Manly Coaches
- Parent: Geoff Harper
- Ceased operation: September 2016
- Headquarters: Brookvale
- Service area: Sydney
- Service type: Bus charter operator
- Depots: 1
- Fleet: 14 (September 2016)
- Website: www.manlycoach.com.au

= Manly Coaches =

Australian bus charter company

Manly Coaches was an Australian bus charter company in Sydney.

==History==
On 30 October 1978, Chris Brownlee, trading as Manly Transport Service, purchased route 135 Manly wharf – Manly Hospital – North Head from Neil Smith with four buses. On 1 July 1989, the business of Cremorne Bus Service with route 224 Cremorne Point wharf – Cremorne Junction – Chowder Bay was purchased from Eddie Hayman with seven buses.

On 11 February 1990, Manly commenced operating a service between Sydney and Armidale commenced under contract to CountryLink as a replacement for the Northern Tablelands Express with Denning coaches in a joint venture with Fantastic Aussie Tours.

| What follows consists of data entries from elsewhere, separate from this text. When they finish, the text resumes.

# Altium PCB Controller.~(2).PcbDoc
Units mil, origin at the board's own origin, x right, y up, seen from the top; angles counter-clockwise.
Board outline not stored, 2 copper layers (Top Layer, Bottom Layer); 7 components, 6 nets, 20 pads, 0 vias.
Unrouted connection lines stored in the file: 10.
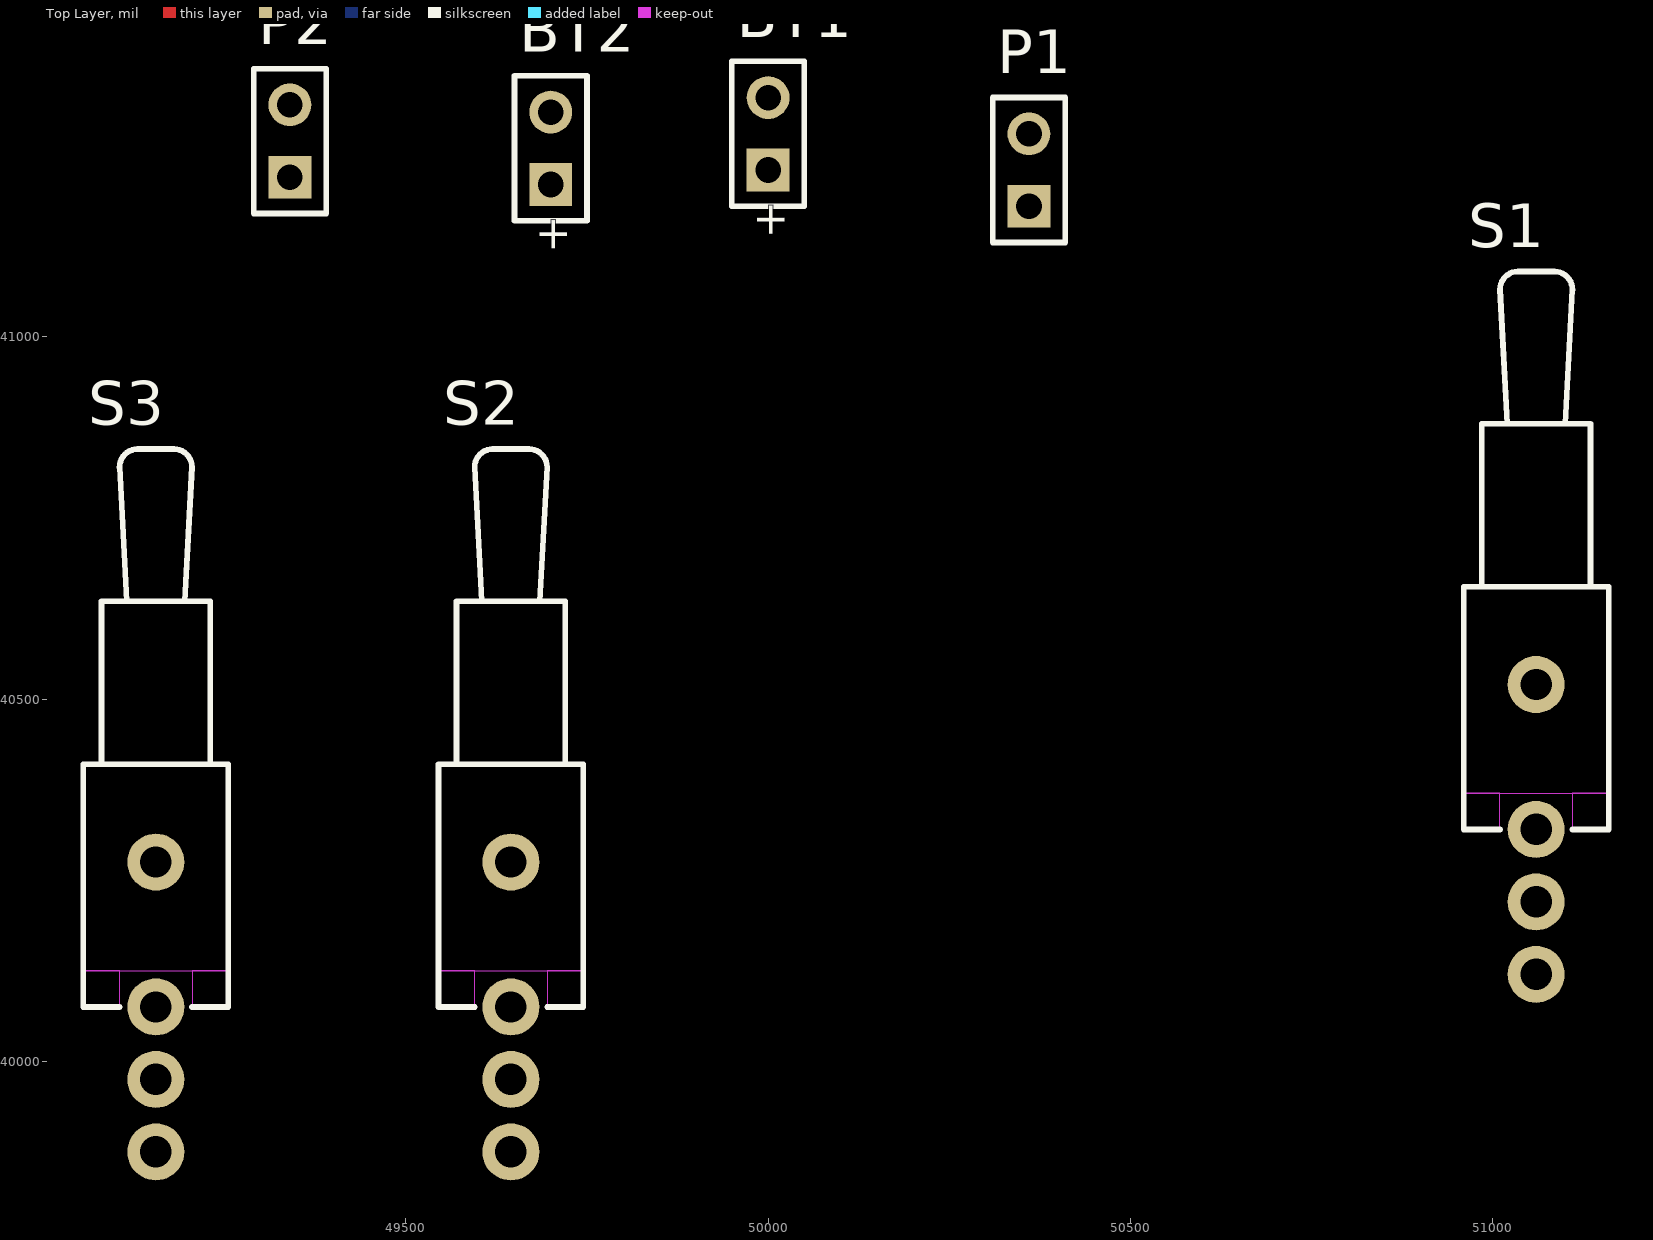
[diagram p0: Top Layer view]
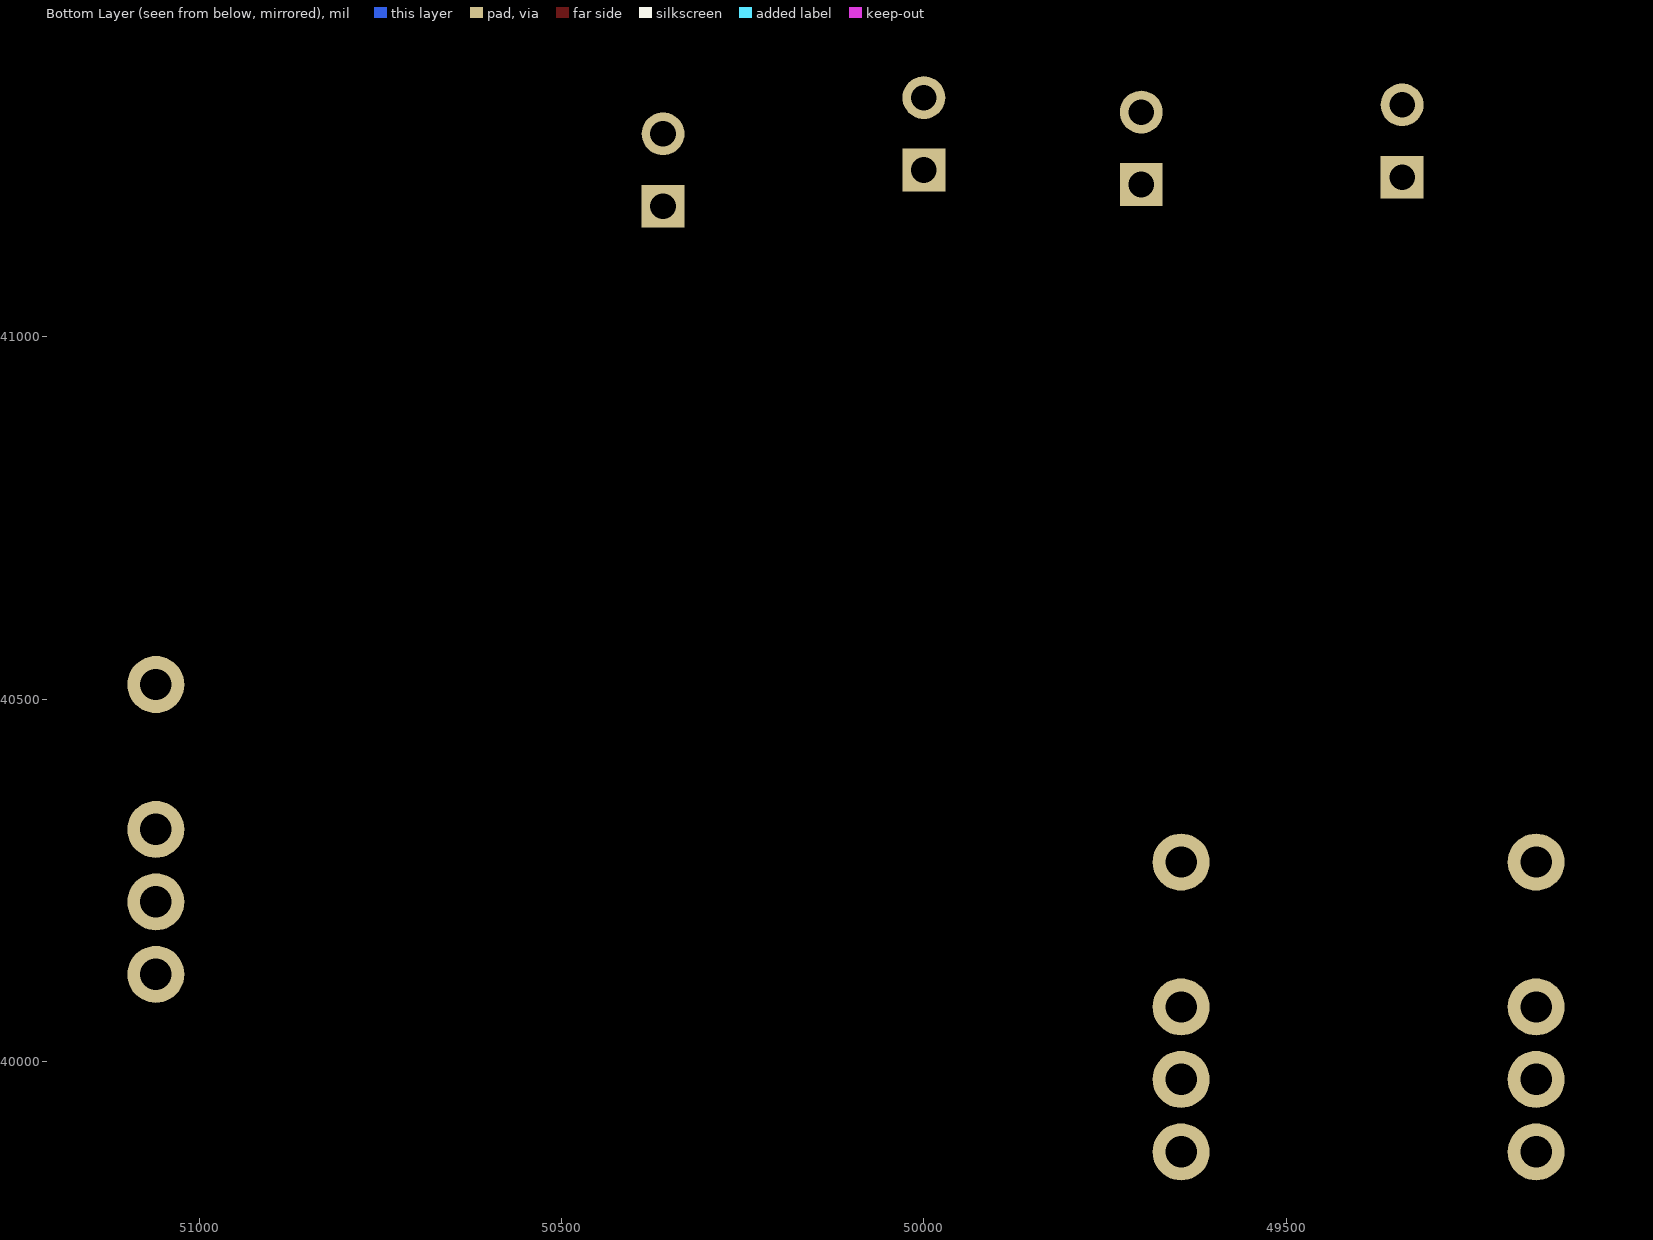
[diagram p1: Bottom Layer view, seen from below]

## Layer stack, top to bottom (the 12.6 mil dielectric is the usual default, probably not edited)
Top Layer: signal copper 1.4
Dielectric: dielectric 12.6, FR-4, Dk 4.8
Bottom Layer: signal copper 1.4

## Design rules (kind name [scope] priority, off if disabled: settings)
Clearance [All] p1: gap=10
PolygonConnect [All] p1: connectstyle=Relief reliefconductorwidth=10 reliefentries=4 polygonreliefangle="90 Angle"
RoomDefinition Controller [InComponentClass('Controller')] p1: confinementstyle=ConfineIn formatcopy=TRUE lockcomponents=FALSE outline 48875,39825 50380,39825 50380,40955 48875,40955
RoutingVias [All] p1: holewidth=28 width=50 viastyle="Through Hole" minholewidth=28 minwidth=50 maxholewidth=28 maxwidth=50
SilkscreenOverComponentPads [All] p1: minsilkscreentomaskgap=10
SolderMaskExpansion [All] p1: expansion=4
Width [All] p1: maxlimit=10 minlimit=10 preferedwidth=10
27 further rules are at their usual default settings.

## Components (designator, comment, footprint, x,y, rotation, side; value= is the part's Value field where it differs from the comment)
BT1 "Battery" BAT-2 50000,41280 r90 top
BT2 "Battery" BAT-2 49700,41260 r90 top
P1 "Header 2" HDR1X2 50360,41180 r90 top
P2 "Header 2" HDR1X2 49340,41220 r90 top
S1 "SW-SPDT" TL36WW15050 51060,40320 r90 top
S2 "SW-SPDT" TL36WW15050 49645,40075 r90 top
S3 "SW-SPDT" TL36WW15050 49155,40075 r90 top

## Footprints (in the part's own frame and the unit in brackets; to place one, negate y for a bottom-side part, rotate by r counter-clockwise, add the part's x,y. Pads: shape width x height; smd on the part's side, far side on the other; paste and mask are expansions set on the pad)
BAT-2 [mm] "Multicell Battery; 2 Leads"
  rect 1.5x1.5 hole 0.9: 1(-1.27,0)
  round 1.5 hole 0.9: 2(1.27,0)
  silkscreen extent -2.54,-1.27 2.54,1.27
HDR1X2 [mm] "Connector; Header; 2 Position"
  rect 1.5x1.5 hole 0.9: 1(0,0)
  round 1.5 hole 0.9: 2(2.54,0)
  silkscreen extent -1.27,-1.27 3.81,1.27
TL36WW15050 [mm] "SPDT Subminiature Toggle Switch, Right Angle Mounting, Vertical Actuation"
  round 2 hole 1.1: 1(0,0) 2(-2.54,0) 3(-5.08,0) M(5.08,0)
  Top Layer keep-out region: 0,-1.27 0,-2.54 1.27,-2.54 1.27,-1.27
  Top Layer keep-out region: 0,2.54 0,1.27 1.27,1.27 1.27,2.54
  Top Layer keep-out region: 1.27,2.54 1.27,-2.54 8.509,-2.54 8.509,2.54
  silkscreen extent 0,-2.54 19.56,2.54

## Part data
BT1 BT2: "Multicell Battery"
P1 P2: "Header, 2-Pin"
S1 S2 S3: "SPDT Subminiature Toggle Switch, Right Angle Mounting, Vertical Actuation"

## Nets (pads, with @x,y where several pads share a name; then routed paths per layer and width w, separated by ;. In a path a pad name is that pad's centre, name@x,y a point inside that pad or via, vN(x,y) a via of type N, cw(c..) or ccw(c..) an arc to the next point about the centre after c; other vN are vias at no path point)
NetBT1_1: BT1.1 S1.3 S2.3 S3.3
NetBT1_2: BT1.2 BT2.1 P2.1
NetBT2_2: BT2.2 S1.1 S3.1
NetP1_1: P1.1 S2.2
NetP1_2: P1.2 S1.2
NetP2_2: P2.2 S3.2
pads on no net: S1.M S2.1 S2.M S3.M

In 1992, Manly took over the Great Sights day tour operation from Newmans Coach Lines. On 23 June 1994, the Great Sights tourist operation was sold to the Driver Group Manly vehicles continued to operate the Great Sights tour program until 12 September 1994, when Clipper Tours took over. An association with Fantastic Aussie Tours saw some vehicles painted in the Fantastic Aussie Tours livery of red and blue which was derived from that of Bus Australia, which became the basis for the Manly Coaches colour scheme in the 1990s.

The trading name Manly Coaches was adopted for the charter operation in 1997, replacing the previous trading names of Manly Bus Service and Manly Coach Tours. Route 224 was taken over by Sydney Buses on 3 July 1995, followed by route 135 on 19 July 1998 with Manly continuing to trade as a charter operator.

On 9 June 2003, Chris Brownlee sold the business to Geoff Harper. In September 2016, the business was sold to Forest Coach Lines with no vehicles.

==Fleet==
When operations ceased in September 2016, the fleet consisted of 14 ex Sydney Buses Mercedes-Benz O305 buses.